I just saw it today and agree completely with you guys. The joker's part was written so well, and Heath gave the character all of the evil and implied background it needed.

With regards to the score, I'm pretty sure most of the movie was ten violins playing a pair of eighth notes followed by another pair of eighth notes a minor third below them, at a tempo of 160. And the occasional horn/brass motif, using the same interval, but starting on the lower notes.

But it works, and keeps it dark and foreboding throughout.


----------



## Waywyn (Jul 20, 2008)

Definitely looking forward to see it!

I think no other actor ever made it to convinced me so hard to watch a movie by just watching the trailer. After the first time I have seen the trailer I didn't even identify him (although it wasn't really hard) ... but it seems for that role he simply changed everything so that he seemed to be a completely different actor.


----------



## Andreas Moisa (Jul 20, 2008)

Hi Guys,

I am looking forward to see the movie too! We met Hans Zimmer a while ago and he told us that he wanted to try to make the music in only one tempo and that he wanted to give the joker only two notes (C and D) throughout the whole film and play around with this motif a lot...And he was using Zebra2 a lot for the score.
You can read our interview with Hans in the current issue of KEYS (German only), BTW

Greets,
Andreas


----------



## nikolas (Jul 20, 2008)

Saw it yesterday! Amazing film! Very well made, every scene very carefully directed (Excellent job from Nolan), and the acting was also very well made (especially Heeth). I will rather (not completely though) dissagree that Bale was more like Kuanu Reevs kind of actor. I think that the character was asking for such an acting, so... it felt very deserving. If he plays then the equivelant of Speed, the matrix, and then whatever would be and keeps at it, then I'll agree. But for now it suited the ever problematic character, along with all his phychological doubts and fears...

Music was indifferent, excelt the clusters with joker, which felt more a pastiche (okie, it's a chord, a cluster and the strings, it cannot be a pastiche), from "there will be blood". Only because it came earlier out (last year), and was EXTREMELY Successful! I wouldn't doubt if someone told me they asked the composer(s) to composer something along... that lines.


----------



## nomogo (Jul 20, 2008)

The OST is pretty incredible... theres nothing 'conventional' about it, from the mix and onward. And whatever anyone cares to say about the 'Joker' theme... if you can sit through that film and not have your skin crawl by the third time you hear it then check your pulse! You know the *&#@'ts goin down when you hear that!


----------



## Waywyn (Jul 20, 2008)

Folmann @ Sun Jul 20 said:


> Wow.

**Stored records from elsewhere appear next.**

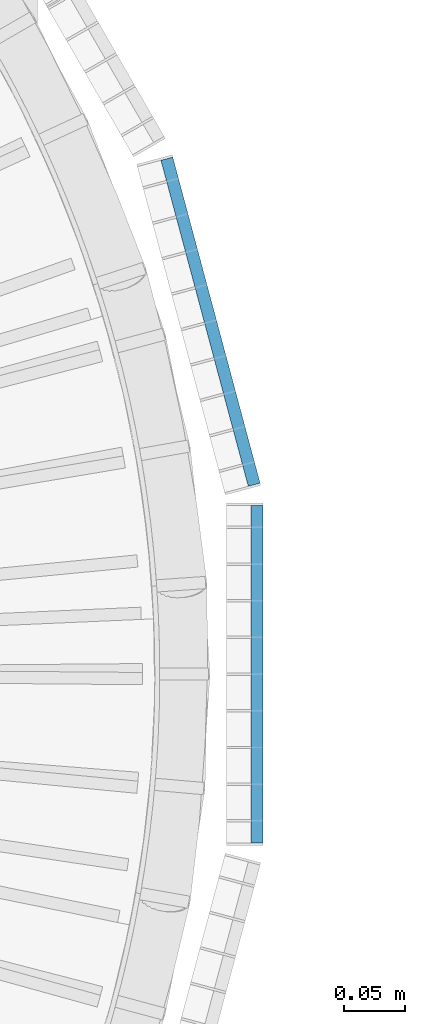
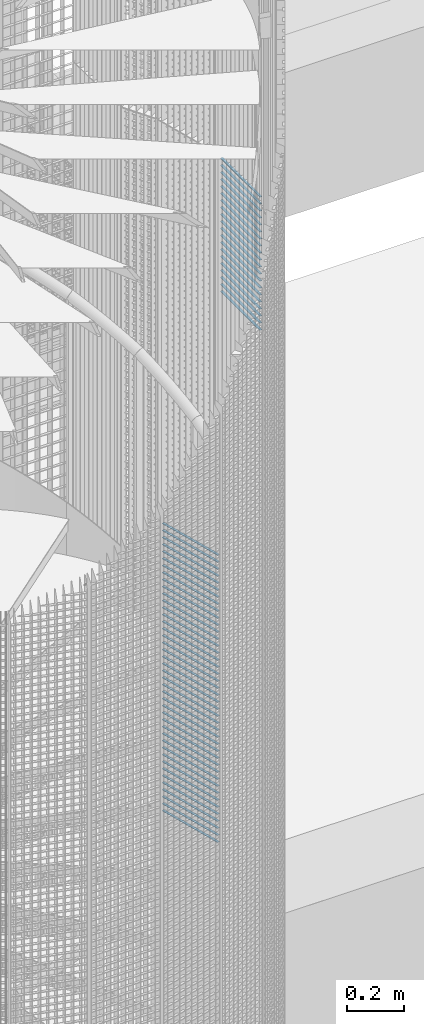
# One storey, part 271 of 1148: 62 beams, 2 elements without a shape of their own.
"""IFC2X3 building model written with IfcOpenShell, lengths in millimetres."""

from ifc_helpers import new_model, si_unit, frame, origin_with_axes, origin_2d_with_axis, place, context, subcontext, project, spatial, rectangle, extrude, material, type_object, element, aggregate, save


model = new_model("IFC2X3")

# Units and contexts
model_context = context("Model", 3, precision=1e-05, world=origin_with_axes())
body_context = subcontext(model_context, "Body", "Model", "MODEL_VIEW")
ifc_project = project(units=[si_unit("LENGTHUNIT", "METRE", prefix="MILLI"), si_unit("AREAUNIT", "SQUARE_METRE"), si_unit("VOLUMEUNIT", "CUBIC_METRE"), si_unit("MASSUNIT", "GRAM", prefix="KILO"), si_unit("TIMEUNIT", "SECOND"), si_unit("PLANEANGLEUNIT", "RADIAN"), si_unit("SOLIDANGLEUNIT", "STERADIAN"), si_unit("THERMODYNAMICTEMPERATUREUNIT", "DEGREE_CELSIUS"), si_unit("LUMINOUSINTENSITYUNIT", "LUMEN")], contexts=[model_context])

# Site, building, storey
site_placement = place(None, origin_with_axes())
site = spatial("IfcSite", under=ifc_project, at=site_placement, Name="Undefined", CompositionType="ELEMENT")
building_placement = place(site_placement, origin_with_axes())
building = spatial("IfcBuilding", under=site, at=building_placement, Name="Undefined", CompositionType="ELEMENT")
storey_placement = place(building_placement, origin_with_axes())
storey = spatial("IfcBuildingStorey", under=building, at=storey_placement, Name="Undefined", CompositionType="ELEMENT", Elevation=0.0)

# Assembly, beams
assembly_1_placement = place(storey_placement, origin_with_axes())
assembly_1 = element("IfcElementAssembly", 1, at=assembly_1_placement, inside=storey, Name="BORDURE", AssemblyPlace="NOTDEFINED", PredefinedType="NOTDEFINED")
ifc_material = material(Name="STEEL/S235JR")
beam_type = type_object("IfcBeamType", Name="PL2*10", PredefinedType="NOTDEFINED")
beam_1_placement = place(assembly_1_placement, frame((1111.25508286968, 154.895926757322, 13260.0), z_axis=(0.965925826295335, 0.258819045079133, 0.0), x_axis=(-0.258819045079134, 0.965925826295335, 0.0)))
beam_1 = element("IfcBeam", 2, at=beam_1_placement, type_object=beam_type, material=ifc_material, Name="ENTRETOISE", context=body_context, shape_type="SweptSolid", body=[
    extrude(rectangle(XDim=2.0, YDim=10.0, at=origin_2d_with_axis()), frame((275.999999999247, 9.09494701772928e-13, 1.53210777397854e-14), z_axis=(-1.0, 0.0, 0.0), x_axis=(0.0, -1.0, 0.0)), (0.0, 0.0, 1.0), 276.0),
])
beam_2_placement = place(assembly_1_placement, frame((1111.25508286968, 154.895926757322, 13230.0), z_axis=(0.965925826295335, 0.258819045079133, 0.0), x_axis=(-0.258819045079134, 0.965925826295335, 0.0)))
beam_2 = element("IfcBeam", 3, at=beam_2_placement, type_object=beam_type, material=ifc_material, Name="ENTRETOISE", context=body_context, shape_type="SweptSolid", body=[
    extrude(rectangle(XDim=2.0, YDim=10.0, at=origin_2d_with_axis()), frame((275.999999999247, 9.09494701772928e-13, 1.53210777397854e-14), z_axis=(-1.0, 0.0, 0.0), x_axis=(0.0, -1.0, 0.0)), (0.0, 0.0, 1.0), 276.0),
])
beam_3_placement = place(assembly_1_placement, frame((1111.25508286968, 154.895926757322, 13200.0), z_axis=(0.965925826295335, 0.258819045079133, 0.0), x_axis=(-0.258819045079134, 0.965925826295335, 0.0)))
beam_3 = element("IfcBeam", 4, at=beam_3_placement, type_object=beam_type, material=ifc_material, Name="ENTRETOISE", context=body_context, shape_type="SweptSolid", body=[
    extrude(rectangle(XDim=2.0, YDim=10.0, at=origin_2d_with_axis()), frame((275.999999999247, 9.09494701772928e-13, 1.53210777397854e-14), z_axis=(-1.0, 0.0, 0.0), x_axis=(0.0, -1.0, 0.0)), (0.0, 0.0, 1.0), 276.0),
])
beam_4_placement = place(assembly_1_placement, frame((1111.25508286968, 154.895926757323, 13170.0), z_axis=(0.965925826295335, 0.258819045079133, 0.0), x_axis=(-0.258819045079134, 0.965925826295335, 0.0)))
beam_4 = element("IfcBeam", 5, at=beam_4_placement, type_object=beam_type, material=ifc_material, Name="ENTRETOISE", context=body_context, shape_type="SweptSolid", body=[
    extrude(rectangle(XDim=2.0, YDim=10.0, at=origin_2d_with_axis()), frame((275.999999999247, 9.09494701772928e-13, 1.53210777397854e-14), z_axis=(-1.0, 0.0, 0.0), x_axis=(0.0, -1.0, 0.0)), (0.0, 0.0, 1.0), 276.0),
])
beam_5_placement = place(assembly_1_placement, frame((1111.25508286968, 154.895926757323, 13140.0), z_axis=(0.965925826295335, 0.258819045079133, 0.0), x_axis=(-0.258819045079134, 0.965925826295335, 0.0)))
beam_5 = element("IfcBeam", 6, at=beam_5_placement, type_object=beam_type, material=ifc_material, Name="ENTRETOISE", context=body_context, shape_type="SweptSolid", body=[
    extrude(rectangle(XDim=2.0, YDim=10.0, at=origin_2d_with_axis()), frame((275.999999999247, 9.09494701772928e-13, 1.53210777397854e-14), z_axis=(-1.0, 0.0, 0.0), x_axis=(0.0, -1.0, 0.0)), (0.0, 0.0, 1.0), 276.0),
])
beam_6_placement = place(assembly_1_placement, frame((1111.25508286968, 154.895926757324, 12720.0), z_axis=(0.965925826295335, 0.258819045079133, 0.0), x_axis=(-0.258819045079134, 0.965925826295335, 0.0)))
beam_6 = element("IfcBeam", 7, at=beam_6_placement, type_object=beam_type, material=ifc_material, Name="ENTRETOISE", context=body_context, shape_type="SweptSolid", body=[
    extrude(rectangle(XDim=2.0, YDim=10.0, at=origin_2d_with_axis()), frame((275.999999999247, 9.09494701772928e-13, 1.53210777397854e-14), z_axis=(-1.0, 0.0, 0.0), x_axis=(0.0, -1.0, 0.0)), (0.0, 0.0, 1.0), 276.0),
])
beam_7_placement = place(assembly_1_placement, frame((1111.25508286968, 154.895926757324, 12690.0), z_axis=(0.965925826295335, 0.258819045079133, 0.0), x_axis=(-0.258819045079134, 0.965925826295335, 0.0)))
beam_7 = element("IfcBeam", 8, at=beam_7_placement, type_object=beam_type, material=ifc_material, Name="ENTRETOISE", context=body_context, shape_type="SweptSolid", body=[
    extrude(rectangle(XDim=2.0, YDim=10.0, at=origin_2d_with_axis()), frame((275.999999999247, 9.09494701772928e-13, 1.53210777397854e-14), z_axis=(-1.0, 0.0, 0.0), x_axis=(0.0, -1.0, 0.0)), (0.0, 0.0, 1.0), 276.0),
])
beam_8_placement = place(assembly_1_placement, frame((1111.25508286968, 154.895926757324, 12750.0), z_axis=(0.965925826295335, 0.258819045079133, 0.0), x_axis=(-0.258819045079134, 0.965925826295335, 0.0)))
beam_8 = element("IfcBeam", 9, at=beam_8_placement, type_object=beam_type, material=ifc_material, Name="ENTRETOISE", context=body_context, shape_type="SweptSolid", body=[
    extrude(rectangle(XDim=2.0, YDim=10.0, at=origin_2d_with_axis()), frame((275.999999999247, 9.09494701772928e-13, 1.53210777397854e-14), z_axis=(-1.0, 0.0, 0.0), x_axis=(0.0, -1.0, 0.0)), (0.0, 0.0, 1.0), 276.0),
])
beam_9_placement = place(assembly_1_placement, frame((1111.25508286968, 154.895926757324, 12660.0), z_axis=(0.965925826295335, 0.258819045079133, 0.0), x_axis=(-0.258819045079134, 0.965925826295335, 0.0)))
beam_9 = element("IfcBeam", 10, at=beam_9_placement, type_object=beam_type, material=ifc_material, Name="ENTRETOISE", context=body_context, shape_type="SweptSolid", body=[
    extrude(rectangle(XDim=2.0, YDim=10.0, at=origin_2d_with_axis()), frame((275.999999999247, 9.09494701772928e-13, 1.53210777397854e-14), z_axis=(-1.0, 0.0, 0.0), x_axis=(0.0, -1.0, 0.0)), (0.0, 0.0, 1.0), 276.0),
])
beam_10_placement = place(assembly_1_placement, frame((1111.25508286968, 154.895926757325, 12630.0), z_axis=(0.965925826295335, 0.258819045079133, 0.0), x_axis=(-0.258819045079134, 0.965925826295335, 0.0)))
beam_10 = element("IfcBeam", 11, at=beam_10_placement, type_object=beam_type, material=ifc_material, Name="ENTRETOISE", context=body_context, shape_type="SweptSolid", body=[
    extrude(rectangle(XDim=2.0, YDim=10.0, at=origin_2d_with_axis()), frame((275.999999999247, 9.09494701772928e-13, 1.53210777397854e-14), z_axis=(-1.0, 0.0, 0.0), x_axis=(0.0, -1.0, 0.0)), (0.0, 0.0, 1.0), 276.0),
])
beam_11_placement = place(assembly_1_placement, frame((1111.25508286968, 154.895926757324, 12780.0), z_axis=(0.965925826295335, 0.258819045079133, 0.0), x_axis=(-0.258819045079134, 0.965925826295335, 0.0)))
beam_11 = element("IfcBeam", 12, at=beam_11_placement, type_object=beam_type, material=ifc_material, Name="ENTRETOISE", context=body_context, shape_type="SweptSolid", body=[
    extrude(rectangle(XDim=2.0, YDim=10.0, at=origin_2d_with_axis()), frame((275.999999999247, 9.09494701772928e-13, 1.53210777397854e-14), z_axis=(-1.0, 0.0, 0.0), x_axis=(0.0, -1.0, 0.0)), (0.0, 0.0, 1.0), 276.0),
])
beam_12_placement = place(assembly_1_placement, frame((1111.25508286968, 154.895926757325, 12600.0), z_axis=(0.965925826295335, 0.258819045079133, 0.0), x_axis=(-0.258819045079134, 0.965925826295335, 0.0)))
beam_12 = element("IfcBeam", 13, at=beam_12_placement, type_object=beam_type, material=ifc_material, Name="ENTRETOISE", context=body_context, shape_type="SweptSolid", body=[
    extrude(rectangle(XDim=2.0, YDim=10.0, at=origin_2d_with_axis()), frame((275.999999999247, 9.09494701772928e-13, 1.53210777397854e-14), z_axis=(-1.0, 0.0, 0.0), x_axis=(0.0, -1.0, 0.0)), (0.0, 0.0, 1.0), 276.0),
])
beam_13_placement = place(assembly_1_placement, frame((1111.25508286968, 154.895926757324, 12810.0), z_axis=(0.965925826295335, 0.258819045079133, 0.0), x_axis=(-0.258819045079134, 0.965925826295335, 0.0)))
beam_13 = element("IfcBeam", 14, at=beam_13_placement, type_object=beam_type, material=ifc_material, Name="ENTRETOISE", context=body_context, shape_type="SweptSolid", body=[
    extrude(rectangle(XDim=2.0, YDim=10.0, at=origin_2d_with_axis()), frame((275.999999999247, 9.09494701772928e-13, 1.53210777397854e-14), z_axis=(-1.0, 0.0, 0.0), x_axis=(0.0, -1.0, 0.0)), (0.0, 0.0, 1.0), 276.0),
])
beam_14_placement = place(assembly_1_placement, frame((1111.25508286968, 154.895926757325, 12570.0), z_axis=(0.965925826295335, 0.258819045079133, 0.0), x_axis=(-0.258819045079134, 0.965925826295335, 0.0)))
beam_14 = element("IfcBeam", 15, at=beam_14_placement, type_object=beam_type, material=ifc_material, Name="ENTRETOISE", context=body_context, shape_type="SweptSolid", body=[
    extrude(rectangle(XDim=2.0, YDim=10.0, at=origin_2d_with_axis()), frame((275.999999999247, 9.09494701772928e-13, 1.53210777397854e-14), z_axis=(-1.0, 0.0, 0.0), x_axis=(0.0, -1.0, 0.0)), (0.0, 0.0, 1.0), 276.0),
])
beam_15_placement = place(assembly_1_placement, frame((1111.25508286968, 154.895926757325, 12540.0), z_axis=(0.965925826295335, 0.258819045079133, 0.0), x_axis=(-0.258819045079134, 0.965925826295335, 0.0)))
beam_15 = element("IfcBeam", 16, at=beam_15_placement, type_object=beam_type, material=ifc_material, Name="ENTRETOISE", context=body_context, shape_type="SweptSolid", body=[
    extrude(rectangle(XDim=2.0, YDim=10.0, at=origin_2d_with_axis()), frame((275.999999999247, 9.09494701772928e-13, 1.53210777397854e-14), z_axis=(-1.0, 0.0, 0.0), x_axis=(0.0, -1.0, 0.0)), (0.0, 0.0, 1.0), 276.0),
])
beam_16_placement = place(assembly_1_placement, frame((1111.25508286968, 154.895926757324, 12840.0), z_axis=(0.965925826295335, 0.258819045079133, 0.0), x_axis=(-0.258819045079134, 0.965925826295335, 0.0)))
beam_16 = element("IfcBeam", 17, at=beam_16_placement, type_object=beam_type, material=ifc_material, Name="ENTRETOISE", context=body_context, shape_type="SweptSolid", body=[
    extrude(rectangle(XDim=2.0, YDim=10.0, at=origin_2d_with_axis()), frame((275.999999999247, 9.09494701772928e-13, 1.53210777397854e-14), z_axis=(-1.0, 0.0, 0.0), x_axis=(0.0, -1.0, 0.0)), (0.0, 0.0, 1.0), 276.0),
])
beam_17_placement = place(assembly_1_placement, frame((1111.25508286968, 154.895926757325, 12510.0), z_axis=(0.965925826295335, 0.258819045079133, 0.0), x_axis=(-0.258819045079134, 0.965925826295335, 0.0)))
beam_17 = element("IfcBeam", 18, at=beam_17_placement, type_object=beam_type, material=ifc_material, Name="ENTRETOISE", context=body_context, shape_type="SweptSolid", body=[
    extrude(rectangle(XDim=2.0, YDim=10.0, at=origin_2d_with_axis()), frame((275.999999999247, 9.09494701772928e-13, 1.53210777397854e-14), z_axis=(-1.0, 0.0, 0.0), x_axis=(0.0, -1.0, 0.0)), (0.0, 0.0, 1.0), 276.0),
])
beam_18_placement = place(assembly_1_placement, frame((1111.25508286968, 154.895926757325, 12480.0), z_axis=(0.965925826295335, 0.258819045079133, 0.0), x_axis=(-0.258819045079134, 0.965925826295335, 0.0)))
beam_18 = element("IfcBeam", 19, at=beam_18_placement, type_object=beam_type, material=ifc_material, Name="ENTRETOISE", context=body_context, shape_type="SweptSolid", body=[
    extrude(rectangle(XDim=2.0, YDim=10.0, at=origin_2d_with_axis()), frame((275.999999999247, 9.09494701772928e-13, 1.53210777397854e-14), z_axis=(-1.0, 0.0, 0.0), x_axis=(0.0, -1.0, 0.0)), (0.0, 0.0, 1.0), 276.0),
])
beam_19_placement = place(assembly_1_placement, frame((1111.25508286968, 154.895926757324, 12870.0), z_axis=(0.965925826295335, 0.258819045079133, 0.0), x_axis=(-0.258819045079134, 0.965925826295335, 0.0)))
beam_19 = element("IfcBeam", 20, at=beam_19_placement, type_object=beam_type, material=ifc_material, Name="ENTRETOISE", context=body_context, shape_type="SweptSolid", body=[
    extrude(rectangle(XDim=2.0, YDim=10.0, at=origin_2d_with_axis()), frame((275.999999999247, 9.09494701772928e-13, 1.53210777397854e-14), z_axis=(-1.0, 0.0, 0.0), x_axis=(0.0, -1.0, 0.0)), (0.0, 0.0, 1.0), 276.0),
])
beam_20_placement = place(assembly_1_placement, frame((1111.25508286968, 154.895926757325, 12450.0), z_axis=(0.965925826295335, 0.258819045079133, 0.0), x_axis=(-0.258819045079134, 0.965925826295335, 0.0)))
beam_20 = element("IfcBeam", 21, at=beam_20_placement, type_object=beam_type, material=ifc_material, Name="ENTRETOISE", context=body_context, shape_type="SweptSolid", body=[
    extrude(rectangle(XDim=2.0, YDim=10.0, at=origin_2d_with_axis()), frame((275.999999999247, 9.09494701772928e-13, 1.53210777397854e-14), z_axis=(-1.0, 0.0, 0.0), x_axis=(0.0, -1.0, 0.0)), (0.0, 0.0, 1.0), 276.0),
])
beam_21_placement = place(assembly_1_placement, frame((1111.25508286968, 154.895926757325, 12420.0), z_axis=(0.965925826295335, 0.258819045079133, 0.0), x_axis=(-0.258819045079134, 0.965925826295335, 0.0)))
beam_21 = element("IfcBeam", 22, at=beam_21_placement, type_object=beam_type, material=ifc_material, Name="ENTRETOISE", context=body_context, shape_type="SweptSolid", body=[
    extrude(rectangle(XDim=2.0, YDim=10.0, at=origin_2d_with_axis()), frame((275.999999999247, 9.09494701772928e-13, 1.53210777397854e-14), z_axis=(-1.0, 0.0, 0.0), x_axis=(0.0, -1.0, 0.0)), (0.0, 0.0, 1.0), 276.0),
])
beam_22_placement = place(assembly_1_placement, frame((1111.25508286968, 154.895926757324, 12900.0), z_axis=(0.965925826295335, 0.258819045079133, 0.0), x_axis=(-0.258819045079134, 0.965925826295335, 0.0)))
beam_22 = element("IfcBeam", 23, at=beam_22_placement, type_object=beam_type, material=ifc_material, Name="ENTRETOISE", context=body_context, shape_type="SweptSolid", body=[
    extrude(rectangle(XDim=2.0, YDim=10.0, at=origin_2d_with_axis()), frame((275.999999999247, 9.09494701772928e-13, 1.53210777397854e-14), z_axis=(-1.0, 0.0, 0.0), x_axis=(0.0, -1.0, 0.0)), (0.0, 0.0, 1.0), 276.0),
])
beam_23_placement = place(assembly_1_placement, frame((1111.25508286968, 154.895926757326, 12390.0), z_axis=(0.965925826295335, 0.258819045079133, 0.0), x_axis=(-0.258819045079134, 0.965925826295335, 0.0)))
beam_23 = element("IfcBeam", 24, at=beam_23_placement, type_object=beam_type, material=ifc_material, Name="ENTRETOISE", context=body_context, shape_type="SweptSolid", body=[
    extrude(rectangle(XDim=2.0, YDim=10.0, at=origin_2d_with_axis()), frame((275.999999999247, 9.09494701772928e-13, 1.53210777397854e-14), z_axis=(-1.0, 0.0, 0.0), x_axis=(0.0, -1.0, 0.0)), (0.0, 0.0, 1.0), 276.0),
])
beam_24_placement = place(assembly_1_placement, frame((1111.25508286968, 154.895926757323, 12930.0), z_axis=(0.965925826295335, 0.258819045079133, 0.0), x_axis=(-0.258819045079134, 0.965925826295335, 0.0)))
beam_24 = element("IfcBeam", 25, at=beam_24_placement, type_object=beam_type, material=ifc_material, Name="ENTRETOISE", context=body_context, shape_type="SweptSolid", body=[
    extrude(rectangle(XDim=2.0, YDim=10.0, at=origin_2d_with_axis()), frame((275.999999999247, 9.09494701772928e-13, 1.53210777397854e-14), z_axis=(-1.0, 0.0, 0.0), x_axis=(0.0, -1.0, 0.0)), (0.0, 0.0, 1.0), 276.0),
])
beam_25_placement = place(assembly_1_placement, frame((1111.25508286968, 154.895926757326, 12360.0), z_axis=(0.965925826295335, 0.258819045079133, 0.0), x_axis=(-0.258819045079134, 0.965925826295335, 0.0)))
beam_25 = element("IfcBeam", 26, at=beam_25_placement, type_object=beam_type, material=ifc_material, Name="ENTRETOISE", context=body_context, shape_type="SweptSolid", body=[
    extrude(rectangle(XDim=2.0, YDim=10.0, at=origin_2d_with_axis()), frame((275.999999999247, 9.09494701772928e-13, 1.53210777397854e-14), z_axis=(-1.0, 0.0, 0.0), x_axis=(0.0, -1.0, 0.0)), (0.0, 0.0, 1.0), 276.0),
])
beam_26_placement = place(assembly_1_placement, frame((1111.25508286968, 154.895926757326, 12330.0), z_axis=(0.965925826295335, 0.258819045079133, 0.0), x_axis=(-0.258819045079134, 0.965925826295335, 0.0)))
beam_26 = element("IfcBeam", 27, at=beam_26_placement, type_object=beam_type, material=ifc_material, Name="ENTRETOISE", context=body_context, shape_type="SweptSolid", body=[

I don't know if you guys have heard the OST standalone, but it is really an amazing accomplishment and the guys at RC faced a great deal of challenges making it. I think it is the best soundtrack release this year, but maybe its because its down my alley in terms of style. Powerful, dark, emotional, great blend of sound design and music.



Hehe, cool! So I can buy it blindly without even prelistening to it


----------



## sevaels (Jul 20, 2008)

ETM is on the money TBH

People who listen to 'notes' will hate it but who cares about them anyway? :twisted: 

Those who don't have to dissect each part and still have the ability to listen like a child will love it.


----------



## lee (Jul 20, 2008)

Personally I´m kinda sick of seeing trademarked superheroes in yet another movie. I´m sure the movie is good, but nothing beats a new unknown hero in a movie that you have no expectations for, unless you´ve read the book.


----------



## RMWSound (Jul 20, 2008)

I'm not one to gush about a movie, but that was AMAZING. And while I'm not the biggest Zimmer and Co. fan (not a basher though for sure), I think the 2 Batman scores work extremely well for the films. The Elfman theme is great, but would not fit the tone of these movies.


----------



## Elfen (Jul 20, 2008)

Reegs @ Sun Jul 20 said:


> With regards to the score, I'm pretty sure most of the movie was ten violins playing a pair of eighth notes followed by another pair of eighth notes a minor third below them, at a tempo of 160. And the occasional horn/brass motif, using the same interval, but starting on the lower notes.



It's really much more than that! It's pretty innovative in some places. They used a 28 cellos section for 2/3 of the movie. The best part for me is the Harvey Dent theme, so much emotions going on there which mostly JNH did, and the Joker one is Zimmer.


----------



## dcoscina (Jul 20, 2008)

Folman, when will you realize that you've eclipsed your master? I think your music is far more compelling than Mr. Zimmer's. Seriously.


----------



## tgfoo (Jul 21, 2008)

I also saw this at an IMAX over the weekend. It was awesome. Definitely think I'll be going to see it again. I didn't really pay too much attention to the music. I mean, I noticed it, and I think it did a great job setting the mood and supporting the scenes it was in, which is what it's supposed to do really. Not one of those soundtracks I would want to buy and listen to though.


----------



## esteso (Jul 23, 2008)

OST? Original Soundtrack?

sorry, had to ask.


----------



## PolarBear (Sep 6, 2008)

Elfen @ Mon Jul 21 said:


> Reegs @ Sun Jul 20 said:
> 
> 
> > With regards to the score, I'm pretty sure most of the movie was ten violins playing a pair of eighth notes followed by another pair of eighth notes a minor third below them, at a tempo of 160. And the occasional horn/brass motif, using the same interval, but starting on the lower notes.
> ...



Argh... where the hell can all the information be erad about who has done what in the score... I mean the credits alone won't go far here... just seen it yesterday and was blown away by the movie.


----------